Glad to hear it, I definitely tried to strike a nice balance without making things conflict too much, honestly, I think the thing that sticks out the most is the settings button, but I really didn't want people to be forced to edit the script itself to turn things on or off.
You could put it in the User Menu, below Misc?
New update is live, v1.3.0. Adds a new section under each comment box to automatically insert markdown for you. Because Tildes supports HTML tags inside comments the code is built in a way that it's easy to add new buttons automatically, you only need to insert a new button on line 763.
Here's an example of a new button, which will automatically add header text for you.
buttonCreator.addButtonToMenu('Header', '<h1>', '</h1>')
Getting the buttons below a comment box that appears when the user clicks reply was rather difficult to get working so if you run into issues please let me know, and if you're better than me at javascript please feel free to give the code a scan and let me know any improvements that could be made, it was very trial and error getting this running.

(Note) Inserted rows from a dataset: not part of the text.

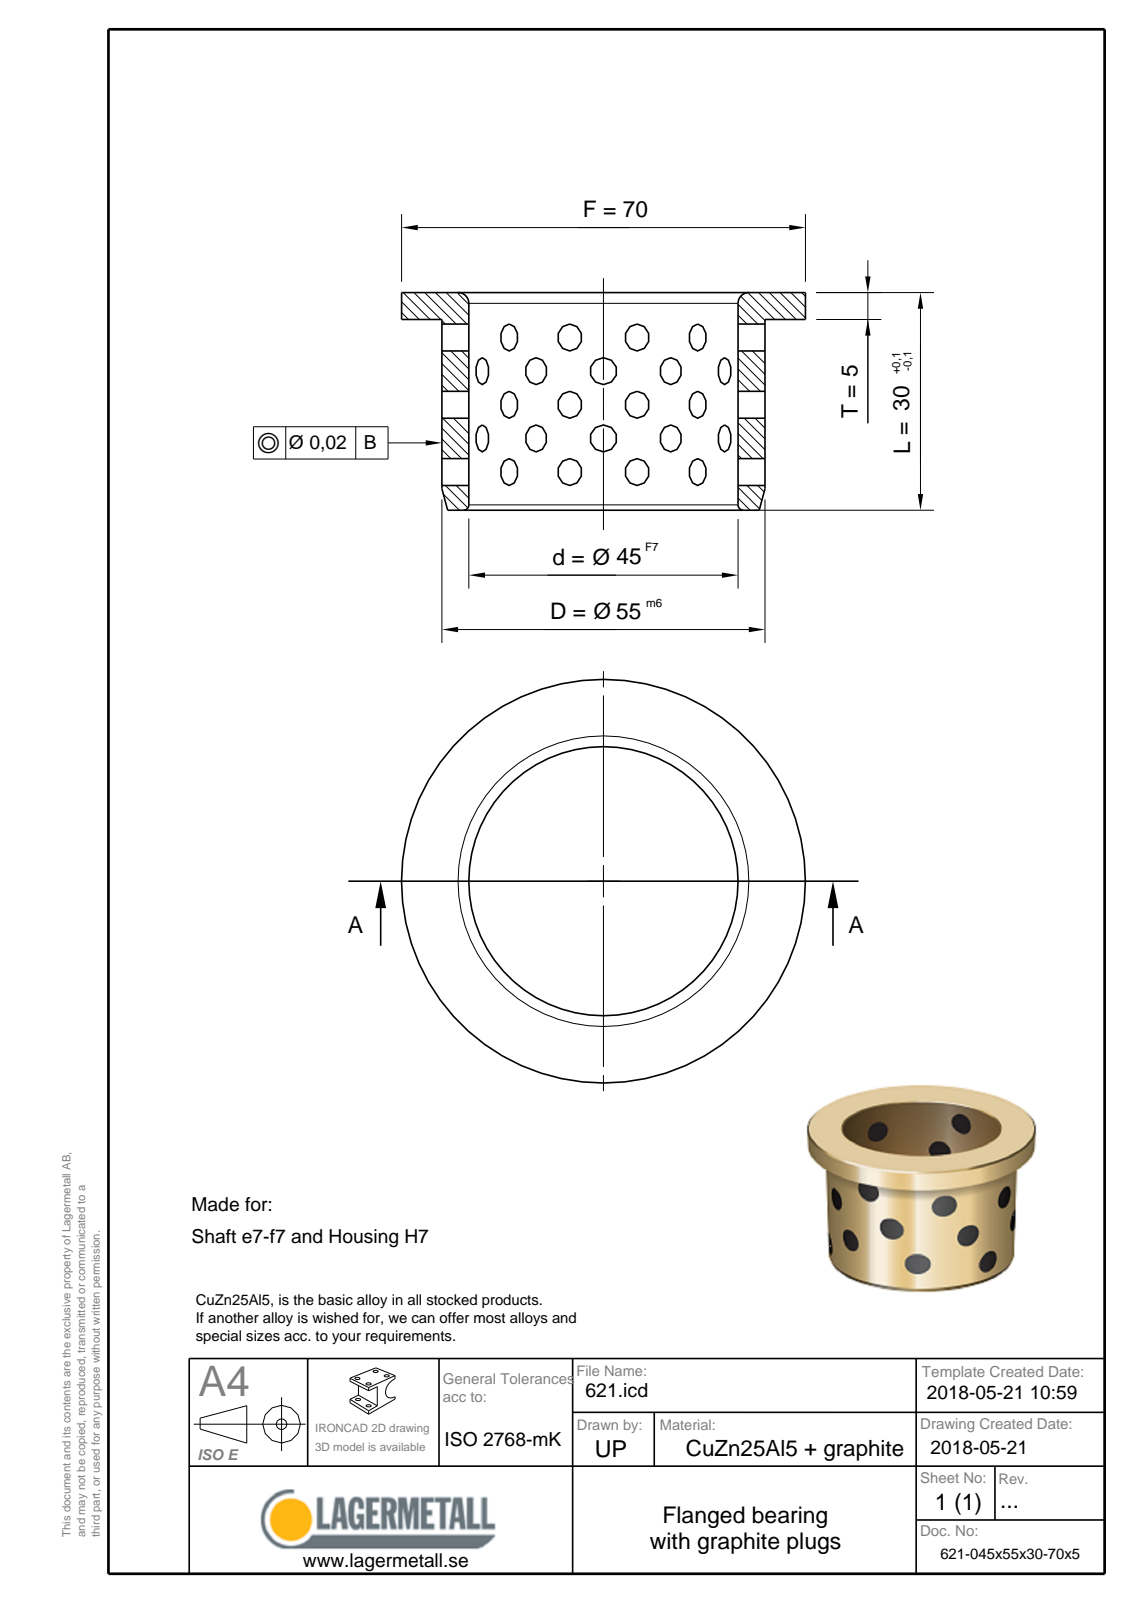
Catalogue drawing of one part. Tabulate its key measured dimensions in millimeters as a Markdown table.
| quantity | value |
| --- | --- |
| part name | 621-045x55x30-70x5 |
| STEP written by | Spatial InterOp 3D (CONFIG_CONTROL_DESIGN) |
| units | millimeters |
| bodies | 1 solid, 9 faces (3 planar, 3 cylindrical, 3 other) |
| overall size | 70 × 70 × 30 |
| volume | 30 473 mm³ |
| surface area | 13 812 mm² |
| round holes (diameter × count) | 45 × 1 |
| round bosses / shafts (diameter × count) | 70 × 1, 55 × 1 |
| main face-to-face distances | 5, 25, 30 |

Don't know Tildes preferred option for updating something, didn't want to make a full new post just to say "wow look update", so posted here as a new comment.
I think your code is straightforward and easy to read. I’ll definitely try this out later tonight.
A few comments about the code:
I have a habit of trying to shorten expressions, so instead of:
I would do something like
I realize that doing too much of this can hurt readability.
Also, I started using tailwind css lately and I quite prefer it to defining my own styles.
Colorblind user/user of Solarized Light here. Is there any way we could limit or set what colors are available for the username colors? There are a number of colors that I'm struggling to read.
I tried to make the code work with every theme well, but my colour vision isn't the best either so I may have made the defaults the opposite of useful for you. As I use a dark theme I just defaulted to blocking the darkest of names without thinking to do the same for bright vivid colours.
You can modify lines 78-79 to adjust how dark/bright usernames are allowed to go, if a generated user colour is outside those limits it will regenerate a new colour for the person.
I just tried out a few numbers and these seem to be readable with solarize light, but you can really set anything, just keep lowering the brightness until you feel it looks good for you and away you go.
You might be able to implement quick and dirty color blind profiles by using HSL colors. HSL uses a single parameter for the color (unlike rgb), so you’d just need to make profiles with different forbidden hue ranges. You lose non-rainbow colors by maxing out saturation and lightness, but it’s a start.
Hey, trying it out now this script is fantastic. Do you plan on turning it into a proper browser extension?
I don't have plans on doing that any time soon no. It's not something I've ever done before and I'd be worried about the level of access extensions have, combined with my lack of knowledge I'd be worried about exposing users to a potential exploit or other issues.
Though it would make it a little easier to do certain things. For example one of the features I scrapped was this. I was working on adding a button beside each tag to automatically blacklist it for you. I had it mostly complete but ran into the problem of making it cleaner. It functioned if it visibly opened a new tab to the blacklist page, added the tag, clicked save, then closed the tab, but Tildes CSP stopped me from doing any of that invisibly and Tildes current lack of API stops me from doing it the only other way I know of.